Following my COLONOSCOPY yesterday, I felt like Mrs. Rip Van Winkle; it took me all day to emerge from a doped up feelings. I expected to be all cheerful at having it behind me (no pun intended!) and coming home and being a bundle of activity. But, instead a slug took over my body. I couldn't find the couch and a blanket fast enough and dozed off immediately. I'd wake long enough to make a trip to the bathroom, eat or drink something (thanks to Mike), then doze some more. The strange part was with each period of sleep, the dreams became more bizarre, including having my dead step-mother very much alive and showing up at my door unannounced. Talk about a nightmare!
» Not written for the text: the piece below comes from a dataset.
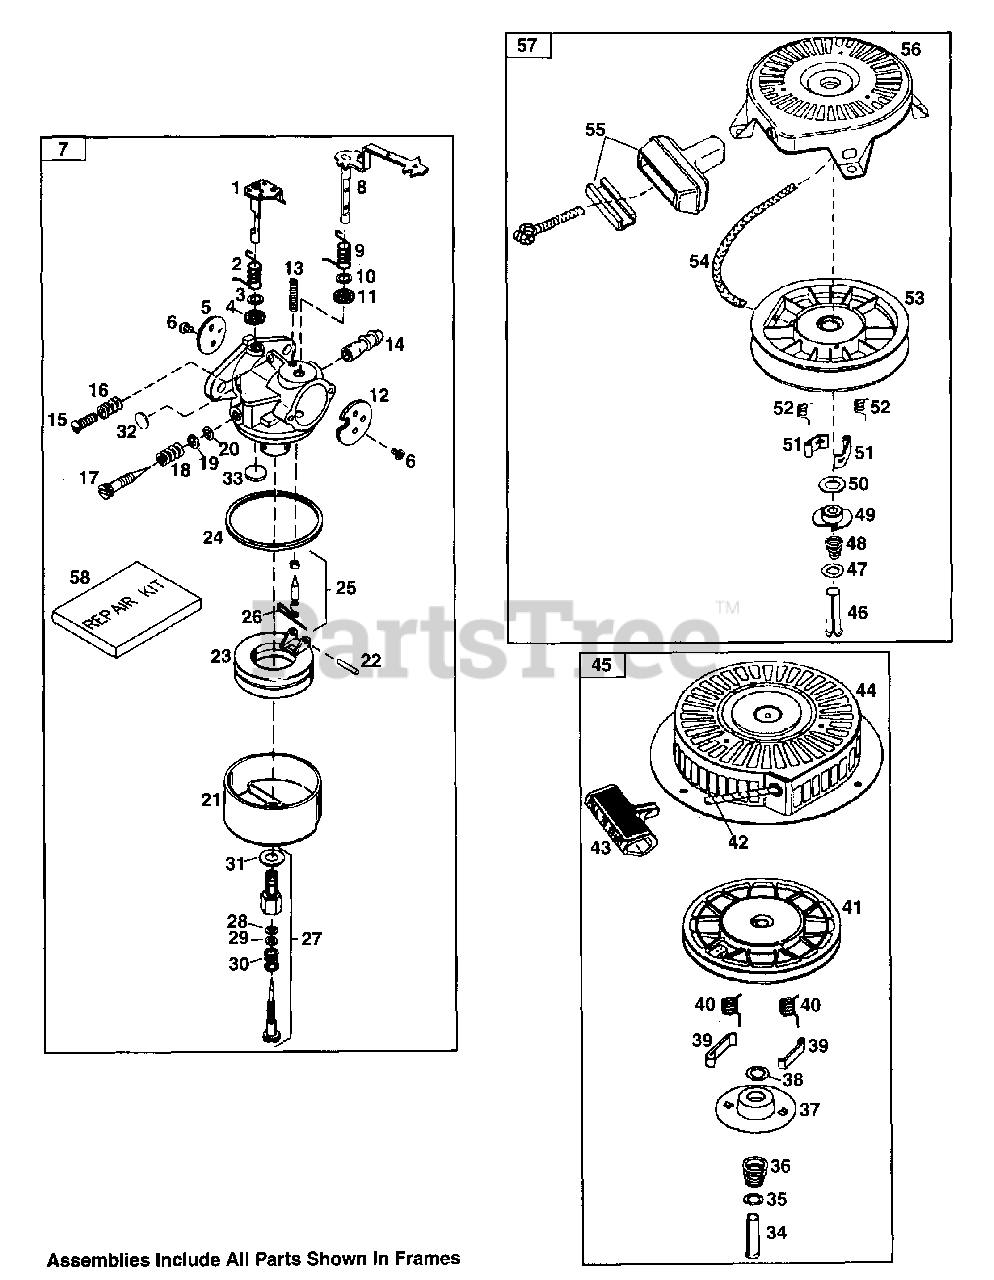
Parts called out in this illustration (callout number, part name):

But, (again no pun intended) I passed the test with flying colors and the GI doc said I don't need to come back for ten years!!!! Yippee! Perhaps by then they'll develop an exterior method of checking your colon--though I imagine you'll still have to go through that nasty prep to make sure your pipes are clean and shiny.
Our doc told us a story of a woman who came in for the procedure, who was very angry with him. It seems she did NOT read the prep instructions which include not eating solid food (clear liquids only) the day before and starting the prep at six the evening prior to the exam. Perhaps the instructions don't spell out the need to remain VERY close to a potty, but if something is meant to clean you out, it has to go somewhere!
So, the lady explained to the doctor how embarrassed she was the evening before the procedure when she ordered a meal at a restaurant and then spent the next two hours in the restroom. She hadn't been able to eat her meal or visit with her friends! As the saying goes: they live among us! (And drive, and vote and carry weapons, AND have children!!)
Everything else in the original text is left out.